Di tengah dinamika pasar, kinerja indeks secara umum memang sedang mendapat tekanan. Financial Expert Ajaib Sekuritas, Ratih Mustikoningsih menyatakan dalam analisisnya bahwa Indeks KOMPAS100 mencatatkan pelemahan sebesar 31,58% secara year to date (YTD) per 31 Juli 2026. Angka tersebut tercatat lebih dalam dibandingkan koreksi Indeks Harga Saham Gabungan (IHSG) yang sebesar 27,9%.
Tingginya tekanan jual oleh investor asing menjadi salah satu faktor utama pelemahan pasar.
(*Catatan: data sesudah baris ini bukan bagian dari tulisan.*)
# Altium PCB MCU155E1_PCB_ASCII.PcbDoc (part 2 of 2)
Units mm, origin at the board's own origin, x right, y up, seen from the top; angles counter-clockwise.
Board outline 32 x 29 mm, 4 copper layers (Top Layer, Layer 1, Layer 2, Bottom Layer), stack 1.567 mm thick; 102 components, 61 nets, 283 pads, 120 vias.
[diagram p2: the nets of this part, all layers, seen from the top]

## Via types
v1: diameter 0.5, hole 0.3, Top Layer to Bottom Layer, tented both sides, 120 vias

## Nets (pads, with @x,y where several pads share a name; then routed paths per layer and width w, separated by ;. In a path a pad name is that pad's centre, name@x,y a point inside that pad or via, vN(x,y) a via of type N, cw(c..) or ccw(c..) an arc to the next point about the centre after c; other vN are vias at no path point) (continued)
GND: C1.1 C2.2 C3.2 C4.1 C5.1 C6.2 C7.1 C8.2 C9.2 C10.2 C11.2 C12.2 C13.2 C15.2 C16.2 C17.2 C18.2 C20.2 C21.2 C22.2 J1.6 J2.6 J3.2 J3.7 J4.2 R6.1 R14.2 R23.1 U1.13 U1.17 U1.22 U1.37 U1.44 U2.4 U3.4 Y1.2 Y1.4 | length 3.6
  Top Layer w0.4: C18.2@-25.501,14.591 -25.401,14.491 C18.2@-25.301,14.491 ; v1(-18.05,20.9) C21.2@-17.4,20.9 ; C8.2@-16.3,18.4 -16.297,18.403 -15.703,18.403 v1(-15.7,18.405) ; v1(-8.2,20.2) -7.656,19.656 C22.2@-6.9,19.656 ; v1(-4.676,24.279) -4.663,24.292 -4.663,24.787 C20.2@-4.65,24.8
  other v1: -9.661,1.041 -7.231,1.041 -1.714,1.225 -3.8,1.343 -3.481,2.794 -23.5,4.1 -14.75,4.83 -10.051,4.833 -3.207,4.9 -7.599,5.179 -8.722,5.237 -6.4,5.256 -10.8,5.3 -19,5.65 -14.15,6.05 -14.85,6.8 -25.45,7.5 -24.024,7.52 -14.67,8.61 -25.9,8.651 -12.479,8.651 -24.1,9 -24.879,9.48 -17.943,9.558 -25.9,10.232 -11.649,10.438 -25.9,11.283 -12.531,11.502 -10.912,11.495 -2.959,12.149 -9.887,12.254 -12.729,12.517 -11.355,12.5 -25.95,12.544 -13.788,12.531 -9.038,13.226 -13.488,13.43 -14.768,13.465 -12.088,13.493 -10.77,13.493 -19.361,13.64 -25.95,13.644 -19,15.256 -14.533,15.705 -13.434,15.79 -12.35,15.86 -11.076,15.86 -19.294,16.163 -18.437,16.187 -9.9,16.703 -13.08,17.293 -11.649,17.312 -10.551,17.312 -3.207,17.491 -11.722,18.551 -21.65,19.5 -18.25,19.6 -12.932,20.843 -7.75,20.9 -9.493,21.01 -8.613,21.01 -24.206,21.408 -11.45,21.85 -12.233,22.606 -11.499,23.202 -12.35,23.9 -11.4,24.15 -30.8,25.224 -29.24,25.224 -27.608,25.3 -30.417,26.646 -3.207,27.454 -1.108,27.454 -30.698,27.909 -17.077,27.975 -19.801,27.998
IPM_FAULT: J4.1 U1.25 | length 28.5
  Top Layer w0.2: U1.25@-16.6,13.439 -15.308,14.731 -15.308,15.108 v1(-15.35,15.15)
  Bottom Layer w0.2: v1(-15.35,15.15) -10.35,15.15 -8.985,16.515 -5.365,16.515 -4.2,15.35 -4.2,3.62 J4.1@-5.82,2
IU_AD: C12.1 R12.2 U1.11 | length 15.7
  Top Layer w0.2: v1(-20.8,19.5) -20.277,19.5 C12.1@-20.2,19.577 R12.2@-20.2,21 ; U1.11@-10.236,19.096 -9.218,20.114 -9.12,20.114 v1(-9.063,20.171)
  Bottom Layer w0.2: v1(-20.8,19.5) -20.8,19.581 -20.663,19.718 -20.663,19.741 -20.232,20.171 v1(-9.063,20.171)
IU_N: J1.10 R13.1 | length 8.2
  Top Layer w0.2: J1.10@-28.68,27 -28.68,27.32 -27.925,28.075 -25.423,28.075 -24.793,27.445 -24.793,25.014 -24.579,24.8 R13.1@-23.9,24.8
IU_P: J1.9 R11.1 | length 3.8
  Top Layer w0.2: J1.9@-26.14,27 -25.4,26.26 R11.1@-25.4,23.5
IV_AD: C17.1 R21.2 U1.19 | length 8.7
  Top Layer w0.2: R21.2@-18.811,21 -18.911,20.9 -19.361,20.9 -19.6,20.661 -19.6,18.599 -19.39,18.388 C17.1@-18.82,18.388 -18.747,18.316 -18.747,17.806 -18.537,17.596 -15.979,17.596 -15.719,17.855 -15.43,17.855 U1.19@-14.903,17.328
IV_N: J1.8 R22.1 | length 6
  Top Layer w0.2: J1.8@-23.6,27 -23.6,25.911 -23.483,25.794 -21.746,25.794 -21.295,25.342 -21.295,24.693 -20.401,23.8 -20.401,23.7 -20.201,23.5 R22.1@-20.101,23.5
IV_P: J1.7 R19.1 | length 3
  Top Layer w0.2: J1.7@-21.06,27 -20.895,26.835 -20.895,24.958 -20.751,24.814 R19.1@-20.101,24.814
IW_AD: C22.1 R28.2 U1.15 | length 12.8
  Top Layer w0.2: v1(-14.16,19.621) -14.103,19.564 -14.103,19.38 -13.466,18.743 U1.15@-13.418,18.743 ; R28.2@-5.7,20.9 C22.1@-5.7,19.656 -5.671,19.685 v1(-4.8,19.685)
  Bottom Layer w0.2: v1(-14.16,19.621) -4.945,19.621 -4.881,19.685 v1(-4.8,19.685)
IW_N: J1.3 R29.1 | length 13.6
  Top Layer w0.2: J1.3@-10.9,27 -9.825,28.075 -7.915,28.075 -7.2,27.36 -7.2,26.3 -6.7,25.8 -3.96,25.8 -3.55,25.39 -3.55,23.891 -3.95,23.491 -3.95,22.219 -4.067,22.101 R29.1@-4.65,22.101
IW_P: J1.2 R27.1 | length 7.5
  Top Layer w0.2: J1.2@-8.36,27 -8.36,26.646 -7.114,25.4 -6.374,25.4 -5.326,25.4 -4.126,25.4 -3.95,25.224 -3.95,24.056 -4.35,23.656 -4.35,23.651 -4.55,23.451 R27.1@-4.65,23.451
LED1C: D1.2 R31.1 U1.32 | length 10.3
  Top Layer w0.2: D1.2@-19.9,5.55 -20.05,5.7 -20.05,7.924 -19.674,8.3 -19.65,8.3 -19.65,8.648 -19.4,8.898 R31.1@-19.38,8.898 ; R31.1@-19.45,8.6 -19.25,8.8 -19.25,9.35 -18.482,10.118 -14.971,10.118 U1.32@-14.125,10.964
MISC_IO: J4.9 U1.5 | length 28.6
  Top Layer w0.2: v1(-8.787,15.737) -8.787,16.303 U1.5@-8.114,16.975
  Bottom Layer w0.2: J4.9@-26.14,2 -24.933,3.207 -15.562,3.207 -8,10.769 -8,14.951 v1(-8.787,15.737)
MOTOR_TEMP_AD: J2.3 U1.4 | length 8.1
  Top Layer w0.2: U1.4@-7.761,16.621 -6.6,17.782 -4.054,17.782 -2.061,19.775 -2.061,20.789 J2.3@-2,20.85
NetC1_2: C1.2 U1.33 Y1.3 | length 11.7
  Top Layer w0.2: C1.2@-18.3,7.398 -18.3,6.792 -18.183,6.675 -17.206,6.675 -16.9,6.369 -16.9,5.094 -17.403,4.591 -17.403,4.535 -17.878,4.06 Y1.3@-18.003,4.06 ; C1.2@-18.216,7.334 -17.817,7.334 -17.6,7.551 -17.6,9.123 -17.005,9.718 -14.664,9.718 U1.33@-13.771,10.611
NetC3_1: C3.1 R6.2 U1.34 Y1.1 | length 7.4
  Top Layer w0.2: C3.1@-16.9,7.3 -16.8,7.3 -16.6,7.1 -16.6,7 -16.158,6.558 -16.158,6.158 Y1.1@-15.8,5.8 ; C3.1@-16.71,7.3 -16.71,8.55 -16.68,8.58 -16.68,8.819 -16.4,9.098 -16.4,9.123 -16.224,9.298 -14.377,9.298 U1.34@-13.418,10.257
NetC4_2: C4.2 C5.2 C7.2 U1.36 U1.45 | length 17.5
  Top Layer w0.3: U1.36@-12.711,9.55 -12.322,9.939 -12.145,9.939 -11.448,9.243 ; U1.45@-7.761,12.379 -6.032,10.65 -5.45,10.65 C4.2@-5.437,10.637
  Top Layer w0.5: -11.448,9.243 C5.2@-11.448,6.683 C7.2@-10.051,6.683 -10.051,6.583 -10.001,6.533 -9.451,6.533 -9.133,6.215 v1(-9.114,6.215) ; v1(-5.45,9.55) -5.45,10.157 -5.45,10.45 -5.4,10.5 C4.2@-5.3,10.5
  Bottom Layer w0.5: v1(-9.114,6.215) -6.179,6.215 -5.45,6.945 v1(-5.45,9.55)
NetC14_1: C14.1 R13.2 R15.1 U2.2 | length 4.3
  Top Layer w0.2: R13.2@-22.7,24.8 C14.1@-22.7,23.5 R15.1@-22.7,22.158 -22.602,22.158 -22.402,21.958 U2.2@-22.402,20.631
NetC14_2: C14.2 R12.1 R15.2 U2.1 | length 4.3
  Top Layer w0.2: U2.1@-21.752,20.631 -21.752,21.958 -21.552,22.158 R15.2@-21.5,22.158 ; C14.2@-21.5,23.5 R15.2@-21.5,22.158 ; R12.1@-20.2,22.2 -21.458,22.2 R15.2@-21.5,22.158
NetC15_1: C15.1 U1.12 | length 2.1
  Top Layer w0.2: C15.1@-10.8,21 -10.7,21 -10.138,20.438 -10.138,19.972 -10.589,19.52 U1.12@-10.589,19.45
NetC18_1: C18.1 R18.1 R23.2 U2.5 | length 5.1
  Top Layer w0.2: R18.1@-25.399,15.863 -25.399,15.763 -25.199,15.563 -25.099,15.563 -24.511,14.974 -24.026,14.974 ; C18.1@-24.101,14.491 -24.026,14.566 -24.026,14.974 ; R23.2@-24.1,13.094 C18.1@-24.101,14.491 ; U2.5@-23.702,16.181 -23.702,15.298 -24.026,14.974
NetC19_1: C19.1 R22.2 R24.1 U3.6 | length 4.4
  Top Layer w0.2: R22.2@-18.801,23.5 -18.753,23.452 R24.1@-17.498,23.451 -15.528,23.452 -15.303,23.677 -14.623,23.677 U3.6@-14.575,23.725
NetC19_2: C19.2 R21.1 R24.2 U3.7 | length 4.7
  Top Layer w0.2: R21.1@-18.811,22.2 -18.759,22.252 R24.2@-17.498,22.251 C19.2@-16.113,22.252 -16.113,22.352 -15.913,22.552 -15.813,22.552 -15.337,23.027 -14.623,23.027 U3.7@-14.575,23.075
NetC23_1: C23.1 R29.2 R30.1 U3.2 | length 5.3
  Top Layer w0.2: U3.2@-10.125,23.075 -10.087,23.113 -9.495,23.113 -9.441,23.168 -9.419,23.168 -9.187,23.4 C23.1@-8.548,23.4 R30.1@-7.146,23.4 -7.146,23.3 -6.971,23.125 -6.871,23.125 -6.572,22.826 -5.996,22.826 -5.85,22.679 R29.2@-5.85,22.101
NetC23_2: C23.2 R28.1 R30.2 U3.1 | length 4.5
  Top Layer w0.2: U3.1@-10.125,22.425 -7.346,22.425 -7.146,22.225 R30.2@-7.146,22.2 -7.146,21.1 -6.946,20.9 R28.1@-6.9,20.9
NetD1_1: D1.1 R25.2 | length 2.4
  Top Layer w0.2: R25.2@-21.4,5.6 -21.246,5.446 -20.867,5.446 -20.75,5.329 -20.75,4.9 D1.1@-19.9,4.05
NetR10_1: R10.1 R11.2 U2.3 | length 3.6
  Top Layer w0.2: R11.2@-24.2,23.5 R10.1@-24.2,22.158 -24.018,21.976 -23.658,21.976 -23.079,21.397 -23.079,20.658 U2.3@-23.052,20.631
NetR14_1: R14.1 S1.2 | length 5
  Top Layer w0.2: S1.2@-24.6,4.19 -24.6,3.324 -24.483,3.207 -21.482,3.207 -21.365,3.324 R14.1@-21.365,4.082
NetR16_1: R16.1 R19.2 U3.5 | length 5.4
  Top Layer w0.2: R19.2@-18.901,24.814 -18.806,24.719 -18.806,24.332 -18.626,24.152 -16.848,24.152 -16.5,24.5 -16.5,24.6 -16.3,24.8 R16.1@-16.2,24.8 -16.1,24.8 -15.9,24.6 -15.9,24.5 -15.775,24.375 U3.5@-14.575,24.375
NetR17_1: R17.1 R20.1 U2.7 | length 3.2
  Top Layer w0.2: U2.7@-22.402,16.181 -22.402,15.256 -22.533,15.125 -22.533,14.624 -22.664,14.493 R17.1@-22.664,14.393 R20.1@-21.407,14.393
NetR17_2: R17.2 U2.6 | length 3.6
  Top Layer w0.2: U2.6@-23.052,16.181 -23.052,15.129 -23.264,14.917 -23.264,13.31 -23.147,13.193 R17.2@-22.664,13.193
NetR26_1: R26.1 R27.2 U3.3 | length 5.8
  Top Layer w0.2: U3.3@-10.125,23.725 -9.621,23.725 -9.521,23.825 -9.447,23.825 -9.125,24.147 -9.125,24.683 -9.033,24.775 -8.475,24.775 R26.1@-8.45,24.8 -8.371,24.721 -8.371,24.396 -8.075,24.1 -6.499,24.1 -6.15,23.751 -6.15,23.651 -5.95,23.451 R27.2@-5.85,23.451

Ratih Mustikoningsih mengungkapkan, sepanjang periode 8 Juni hingga 31 Juli 2026, investor asing mencatatkan net sell sebesar Rp10,6 triliun. Secara akumulatif tahun berjalan, nilai jual bersih asing telah menembus angka Rp71,4 triliun.
“Berdasarkan hasil analisis ekonometrika U-MIDAS menggunakan data harian selama lima tahun terakhir, setiap arus modal keluar investor asing sebesar Rp1 triliun terbukti menekan IHSG secara real time sebesar 54,6 poin,” ujar Ratih.
Menyikapi kondisi tersebut, investor disarankan untuk tetap bersikap defensif namun adaptif. Strategi portofolio yang disarankan mencakup alokasi 45% pada saham value, 25% pada saham growth, dan 30% dalam bentuk kas. Sektor perbankan dinilai masih menarik karena menawarkan imbal hasil dividen (dividend yield) yang cukup tinggi, seperti yang terlihat pada BMRI, BBRI, BBNI, dan BBCA. Selain perbankan, saham sektor energi juga dipandang potensial seiring kenaikan harga minyak mentah Brent yang mencapai US$90 per barel.